*Task instructions:* Each line of the data holding "IfcRelAggregates" should be found and copied.

*Working data:*

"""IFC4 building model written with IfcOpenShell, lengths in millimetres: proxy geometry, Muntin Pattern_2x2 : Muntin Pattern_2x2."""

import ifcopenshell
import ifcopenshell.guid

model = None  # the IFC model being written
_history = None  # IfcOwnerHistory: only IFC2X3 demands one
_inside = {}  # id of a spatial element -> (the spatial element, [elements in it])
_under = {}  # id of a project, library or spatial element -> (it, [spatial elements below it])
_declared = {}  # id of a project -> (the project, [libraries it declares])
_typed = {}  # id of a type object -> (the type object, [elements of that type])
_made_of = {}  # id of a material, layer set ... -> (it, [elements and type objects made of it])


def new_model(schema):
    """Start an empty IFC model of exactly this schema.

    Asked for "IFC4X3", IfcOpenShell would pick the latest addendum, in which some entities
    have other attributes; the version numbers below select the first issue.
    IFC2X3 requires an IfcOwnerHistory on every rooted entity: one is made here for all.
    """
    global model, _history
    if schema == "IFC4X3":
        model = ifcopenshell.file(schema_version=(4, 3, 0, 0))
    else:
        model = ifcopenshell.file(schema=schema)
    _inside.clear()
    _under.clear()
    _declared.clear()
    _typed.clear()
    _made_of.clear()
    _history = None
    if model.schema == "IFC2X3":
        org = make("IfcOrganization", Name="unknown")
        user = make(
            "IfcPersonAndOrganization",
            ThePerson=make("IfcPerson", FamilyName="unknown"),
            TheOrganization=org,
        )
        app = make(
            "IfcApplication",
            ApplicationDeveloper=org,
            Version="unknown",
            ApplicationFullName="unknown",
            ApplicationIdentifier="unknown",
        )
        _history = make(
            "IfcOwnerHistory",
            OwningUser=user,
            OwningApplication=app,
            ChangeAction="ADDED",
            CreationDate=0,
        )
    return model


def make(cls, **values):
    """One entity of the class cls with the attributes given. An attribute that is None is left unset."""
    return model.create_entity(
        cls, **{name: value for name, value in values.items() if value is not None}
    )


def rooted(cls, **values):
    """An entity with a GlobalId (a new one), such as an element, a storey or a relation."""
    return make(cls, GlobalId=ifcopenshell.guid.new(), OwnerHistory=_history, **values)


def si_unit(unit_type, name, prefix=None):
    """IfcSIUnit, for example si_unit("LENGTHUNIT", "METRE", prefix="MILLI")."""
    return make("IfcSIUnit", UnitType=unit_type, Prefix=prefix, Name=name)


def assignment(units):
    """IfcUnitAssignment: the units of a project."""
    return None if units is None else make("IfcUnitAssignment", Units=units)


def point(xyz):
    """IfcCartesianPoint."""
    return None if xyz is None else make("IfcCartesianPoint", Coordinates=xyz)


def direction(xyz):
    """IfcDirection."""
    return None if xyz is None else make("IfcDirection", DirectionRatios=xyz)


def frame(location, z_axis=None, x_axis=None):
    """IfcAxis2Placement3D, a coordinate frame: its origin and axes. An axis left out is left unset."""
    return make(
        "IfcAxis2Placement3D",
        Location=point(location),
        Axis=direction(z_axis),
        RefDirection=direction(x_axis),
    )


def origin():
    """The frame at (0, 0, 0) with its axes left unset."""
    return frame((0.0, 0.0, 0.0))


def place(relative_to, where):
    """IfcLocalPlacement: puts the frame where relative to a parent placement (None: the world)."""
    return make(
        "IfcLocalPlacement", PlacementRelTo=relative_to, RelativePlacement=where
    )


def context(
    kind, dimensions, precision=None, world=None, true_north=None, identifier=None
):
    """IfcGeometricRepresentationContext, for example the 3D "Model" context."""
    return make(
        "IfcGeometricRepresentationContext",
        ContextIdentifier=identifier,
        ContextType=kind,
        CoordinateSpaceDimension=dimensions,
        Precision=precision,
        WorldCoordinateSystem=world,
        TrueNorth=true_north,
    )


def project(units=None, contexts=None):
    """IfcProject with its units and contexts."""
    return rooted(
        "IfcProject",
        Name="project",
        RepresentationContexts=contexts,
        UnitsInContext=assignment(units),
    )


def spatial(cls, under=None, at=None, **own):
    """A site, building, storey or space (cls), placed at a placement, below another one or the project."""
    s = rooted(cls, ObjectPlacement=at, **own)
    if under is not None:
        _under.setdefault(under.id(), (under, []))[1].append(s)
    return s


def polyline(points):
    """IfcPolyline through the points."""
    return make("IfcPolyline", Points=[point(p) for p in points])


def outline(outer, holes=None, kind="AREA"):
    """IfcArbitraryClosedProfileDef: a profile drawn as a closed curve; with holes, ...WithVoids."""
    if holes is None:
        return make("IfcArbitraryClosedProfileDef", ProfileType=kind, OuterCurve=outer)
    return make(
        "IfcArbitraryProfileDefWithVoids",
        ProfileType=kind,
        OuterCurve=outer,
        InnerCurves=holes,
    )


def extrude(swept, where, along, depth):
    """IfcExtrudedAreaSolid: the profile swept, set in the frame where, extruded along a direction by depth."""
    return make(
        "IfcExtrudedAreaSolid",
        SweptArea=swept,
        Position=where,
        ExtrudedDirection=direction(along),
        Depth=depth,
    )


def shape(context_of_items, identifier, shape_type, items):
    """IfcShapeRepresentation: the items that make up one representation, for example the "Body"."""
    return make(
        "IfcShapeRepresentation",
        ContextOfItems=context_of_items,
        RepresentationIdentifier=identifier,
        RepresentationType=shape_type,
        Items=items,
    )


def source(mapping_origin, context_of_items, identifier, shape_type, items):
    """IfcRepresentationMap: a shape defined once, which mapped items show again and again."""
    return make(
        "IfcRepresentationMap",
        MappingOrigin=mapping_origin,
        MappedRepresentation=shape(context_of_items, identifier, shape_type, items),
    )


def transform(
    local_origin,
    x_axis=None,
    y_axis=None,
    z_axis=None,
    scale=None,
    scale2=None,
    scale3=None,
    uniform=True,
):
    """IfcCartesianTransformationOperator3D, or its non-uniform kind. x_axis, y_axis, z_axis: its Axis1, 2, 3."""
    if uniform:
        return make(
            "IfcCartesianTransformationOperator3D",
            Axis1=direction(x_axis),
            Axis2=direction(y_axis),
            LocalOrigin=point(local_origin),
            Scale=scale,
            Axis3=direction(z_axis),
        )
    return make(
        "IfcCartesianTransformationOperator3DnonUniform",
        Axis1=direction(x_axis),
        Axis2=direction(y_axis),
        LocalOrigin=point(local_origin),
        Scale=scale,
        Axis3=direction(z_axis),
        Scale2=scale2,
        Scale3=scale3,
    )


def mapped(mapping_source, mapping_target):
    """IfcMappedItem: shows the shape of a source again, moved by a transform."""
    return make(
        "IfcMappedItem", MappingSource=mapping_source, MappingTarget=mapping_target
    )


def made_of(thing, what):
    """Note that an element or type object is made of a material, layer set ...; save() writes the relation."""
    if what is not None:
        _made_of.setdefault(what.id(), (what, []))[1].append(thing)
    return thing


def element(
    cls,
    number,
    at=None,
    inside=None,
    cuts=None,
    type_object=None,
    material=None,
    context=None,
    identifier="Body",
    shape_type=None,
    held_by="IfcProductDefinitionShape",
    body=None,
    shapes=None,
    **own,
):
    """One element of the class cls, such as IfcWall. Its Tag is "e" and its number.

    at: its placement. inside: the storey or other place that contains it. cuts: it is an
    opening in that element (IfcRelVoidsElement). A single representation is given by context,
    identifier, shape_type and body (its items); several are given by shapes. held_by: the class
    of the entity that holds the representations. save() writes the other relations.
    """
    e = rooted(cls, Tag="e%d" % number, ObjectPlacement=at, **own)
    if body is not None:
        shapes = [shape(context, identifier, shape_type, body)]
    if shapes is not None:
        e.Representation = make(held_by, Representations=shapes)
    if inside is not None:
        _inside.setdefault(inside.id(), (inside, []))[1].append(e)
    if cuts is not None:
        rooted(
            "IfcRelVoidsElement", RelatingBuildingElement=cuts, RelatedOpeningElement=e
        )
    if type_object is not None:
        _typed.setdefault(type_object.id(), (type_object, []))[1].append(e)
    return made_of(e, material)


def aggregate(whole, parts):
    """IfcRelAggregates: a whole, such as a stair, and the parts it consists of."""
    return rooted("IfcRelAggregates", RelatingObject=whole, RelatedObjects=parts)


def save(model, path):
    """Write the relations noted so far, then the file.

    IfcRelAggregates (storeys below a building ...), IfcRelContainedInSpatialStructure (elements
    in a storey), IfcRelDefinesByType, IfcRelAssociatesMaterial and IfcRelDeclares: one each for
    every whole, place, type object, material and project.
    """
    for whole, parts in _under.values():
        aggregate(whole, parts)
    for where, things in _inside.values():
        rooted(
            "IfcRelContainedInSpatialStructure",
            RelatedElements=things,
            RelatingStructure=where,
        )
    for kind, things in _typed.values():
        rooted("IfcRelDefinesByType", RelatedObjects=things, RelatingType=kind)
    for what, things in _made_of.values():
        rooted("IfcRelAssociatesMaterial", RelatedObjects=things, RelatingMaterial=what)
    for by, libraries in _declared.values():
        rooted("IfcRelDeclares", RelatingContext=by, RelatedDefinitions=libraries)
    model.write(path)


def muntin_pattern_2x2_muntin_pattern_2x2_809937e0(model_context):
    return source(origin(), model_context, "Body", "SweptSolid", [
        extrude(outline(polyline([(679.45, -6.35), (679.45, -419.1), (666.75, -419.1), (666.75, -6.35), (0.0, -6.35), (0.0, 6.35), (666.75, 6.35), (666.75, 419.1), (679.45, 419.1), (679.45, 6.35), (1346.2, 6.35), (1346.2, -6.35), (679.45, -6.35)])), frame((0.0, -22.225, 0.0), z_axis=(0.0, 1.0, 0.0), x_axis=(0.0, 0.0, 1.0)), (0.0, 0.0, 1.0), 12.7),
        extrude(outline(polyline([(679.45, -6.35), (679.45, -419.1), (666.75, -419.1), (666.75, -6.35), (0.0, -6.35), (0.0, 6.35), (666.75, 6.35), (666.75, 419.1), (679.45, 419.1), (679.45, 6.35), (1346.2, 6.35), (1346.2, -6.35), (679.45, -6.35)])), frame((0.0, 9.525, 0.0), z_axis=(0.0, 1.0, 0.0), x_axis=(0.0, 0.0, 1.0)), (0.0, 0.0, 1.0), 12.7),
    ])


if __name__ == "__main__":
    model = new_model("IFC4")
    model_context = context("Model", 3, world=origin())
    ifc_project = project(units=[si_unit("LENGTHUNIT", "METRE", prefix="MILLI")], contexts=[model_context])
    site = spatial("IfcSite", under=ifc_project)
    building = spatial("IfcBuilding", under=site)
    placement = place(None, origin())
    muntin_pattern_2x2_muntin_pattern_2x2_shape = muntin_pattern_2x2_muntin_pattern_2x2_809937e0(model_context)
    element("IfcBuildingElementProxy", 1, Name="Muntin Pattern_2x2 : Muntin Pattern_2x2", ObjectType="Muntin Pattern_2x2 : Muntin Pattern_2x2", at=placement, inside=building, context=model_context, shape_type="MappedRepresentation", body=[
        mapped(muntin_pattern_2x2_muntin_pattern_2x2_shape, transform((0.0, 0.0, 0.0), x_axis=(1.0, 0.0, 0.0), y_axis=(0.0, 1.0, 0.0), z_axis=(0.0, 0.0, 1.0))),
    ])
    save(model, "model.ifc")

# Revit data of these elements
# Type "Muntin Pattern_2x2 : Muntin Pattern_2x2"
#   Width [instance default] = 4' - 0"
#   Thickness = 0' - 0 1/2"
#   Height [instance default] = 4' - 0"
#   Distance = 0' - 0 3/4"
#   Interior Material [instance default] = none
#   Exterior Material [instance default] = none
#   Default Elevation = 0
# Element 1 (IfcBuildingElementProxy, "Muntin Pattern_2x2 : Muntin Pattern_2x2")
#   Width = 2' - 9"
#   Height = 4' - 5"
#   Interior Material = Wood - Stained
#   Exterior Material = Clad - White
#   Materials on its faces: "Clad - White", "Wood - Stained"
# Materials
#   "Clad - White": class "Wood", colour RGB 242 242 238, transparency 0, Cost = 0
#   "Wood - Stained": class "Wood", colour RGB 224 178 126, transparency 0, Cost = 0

*Written solution:*
    """IfcRelAggregates: a whole, such as a stair, and the parts it consists of."""
    return rooted("IfcRelAggregates", RelatingObject=whole, RelatedObjects=parts)
    IfcRelAggregates (storeys below a building ...), IfcRelContainedInSpatialStructure (elements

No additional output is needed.